De l'autre côté de la frontière, nous avons retrouvé la civilité et le bienfait qu'est l'absence de surveillance généralisée. (p. 100)
Ma vie était simple, réglée, coupée du monde environnant et du monde en général. Il n'y avait pas de télévision, pas de journaux étrangers, téléphoner en Europe était hors de question, mais cela me convenait parce que, pour la première fois, au lieu de me disperser, je me consacrais à une seule tâche, choisie par moi. (p. 13)
Pendant toute la durée de mes études à Pékin, qui se sont étendues sur trois ans, j'ai pu consacrer la moitié de ces moyens à l'achat de livres. L'autre moitié représentait encore un salaire de ministre.

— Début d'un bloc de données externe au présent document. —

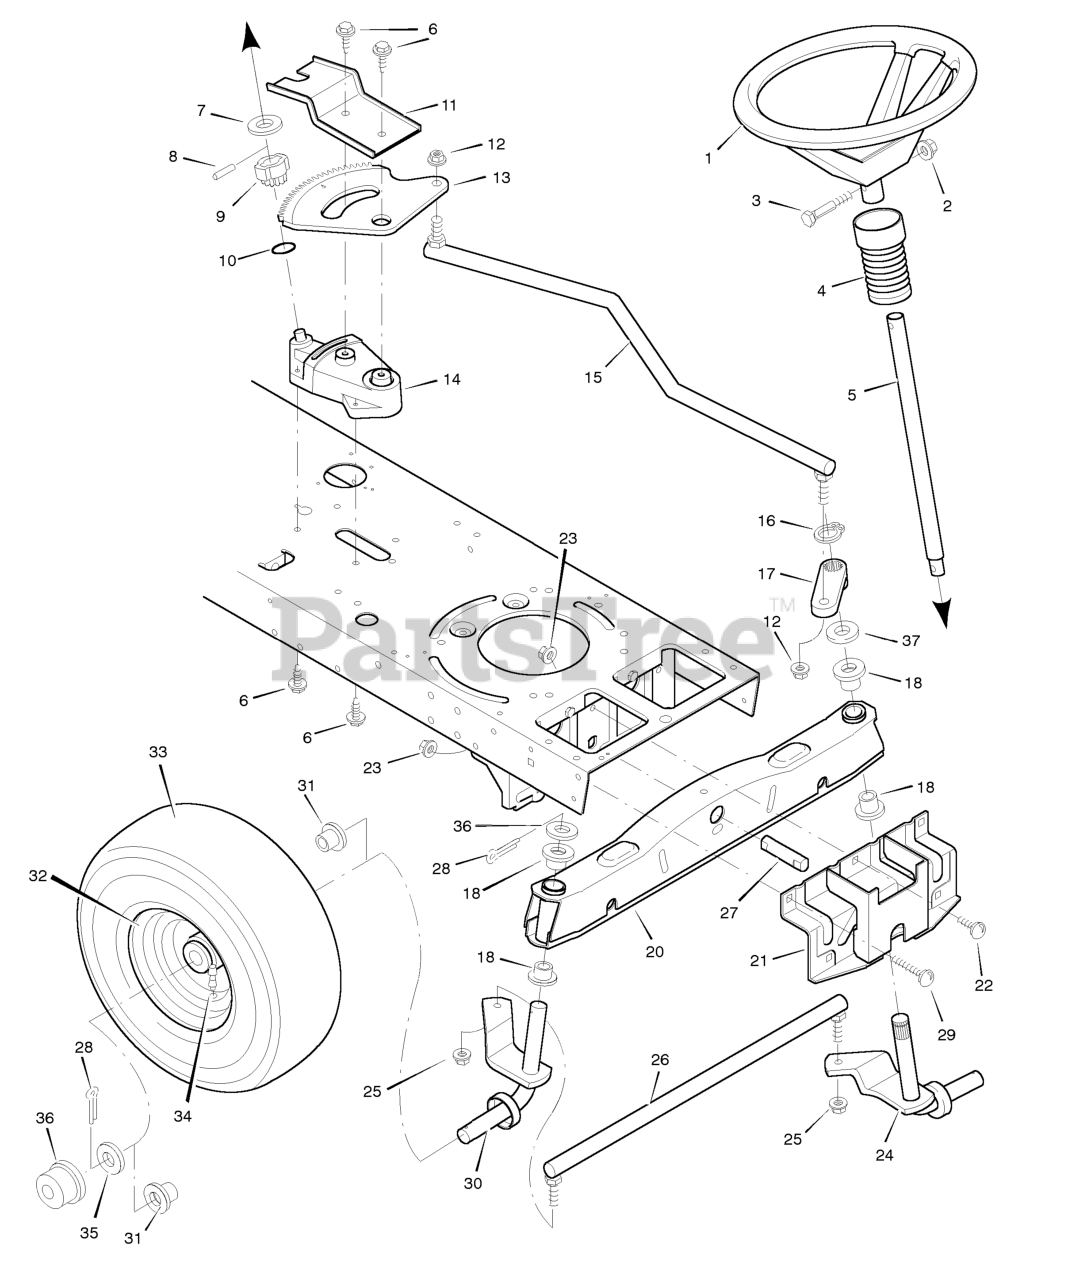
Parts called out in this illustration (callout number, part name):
1	Wheel, Steering
2	Nut, Hex
3	Bolt, Hex
4	Bellows
5	Post Assembly, Steering
7	Washer
8	Pin, Spring
9	Gear Assembly, Pinion
10	O-Ring
11	Clip, Gear Retainer
12	Locknut, Flange
13	Gear, Sector
14	Support, Steering
15	Link, Drag
17	Arm, Drag Link
18	Bearing
20	Axle Assembly (with grease fittings)
21	Hanger Assembly, Axle
22	Bolt, Carriage
23	Locknut, Flange
24	Spindle Assembly, Left
25	Locknut, Flange
26	Rod, Tie
27	Pin, Pivot
28	Pin, Cotter
29	Bolt, Carriage
30	Spindle Assembly, Right
31	Bearing, Wheel
32	Wheel & Tire Assembly
33	Tire *
34	Stem, Valve
36	Hub Cap
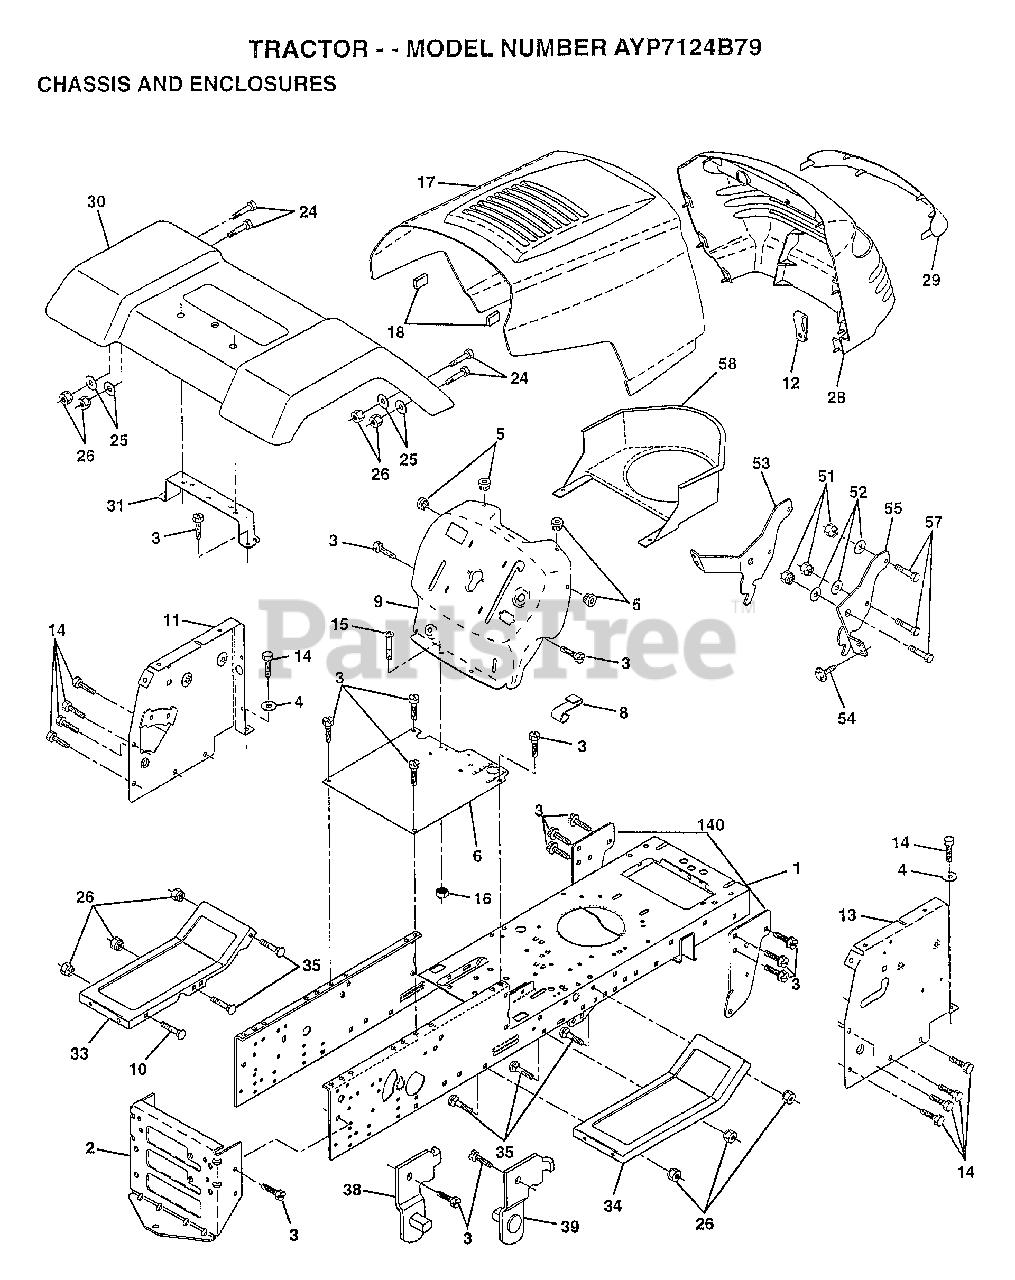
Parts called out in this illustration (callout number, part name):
1	CHASSIS ASM
3	SCREW
4	WASHER
5	BUMPER-HOOD/DASH
6	"SADDLE FLAT,SLKSC"
8	"CLIP,INSULATOR"
9	DASH.SILKSCREENED
11	"PANEL-DASH,LH"
12	CLIP.TINNERMAN
14	SCREW LT
15	BOLT
24	BOLT
25	WASHER
26	NUT
28	GRILLE-MS428
29	LENS GRILLE
30	FENDER
31	BRKT FENDER
33	FOOTREST LH
34	FOOTREST RH
35	BOLT
38	BRACKET ASM LH
39	BRACKET ASM RH
51	NUT
52	WASHER
53	BRACKET.GRILLE.LH
55	BRACKET.GRILLE.RH
58	AIR DUCT
140	BRKT SUSPENSION
145	"ROD POVOT,CHASSIS"
147	BOLT LT

Dans le monde d'alors, je ne pouvais pas partir plus loin. Les communistes avaient pris le pouvoir, ils avaient fermé le pays aux étrangers, personne ne savait ce qui s'y passait, ni ce qui subsistait du passé; on parlait de famine. J'enfreignais un interdit, en Suisse l'anticommunisme était virulent, et je partais vers l'inconnu. (p. 9)
Dans les mois qui ont suivi, les événements sont allés s'accélérant, dans notre vie et dans ce qui se passait autour de nous. L'existence réduite et réglée que le régime imposait à tous suivait son cours, mais une crise politique semblait se préparer, dont des éditoriaux de plus en plus enflammées et de plus en plus impénétrables étaient les signes annonciateurs. Il allait probablement en résulter une campagne semblable à toutes celles qui avaient précédé, au cours desquelles chacun devrait participer à d'interminables réunions politiques et protester de son indéfectible soutien à une "ligne" quelconque. On avait l'expérience de cet exercice qui était fatigant parce qu'il fallait faire semblant d'y croire et veiller à ne pas en être une victime, car il fallait des victimes pour servir d'exemples.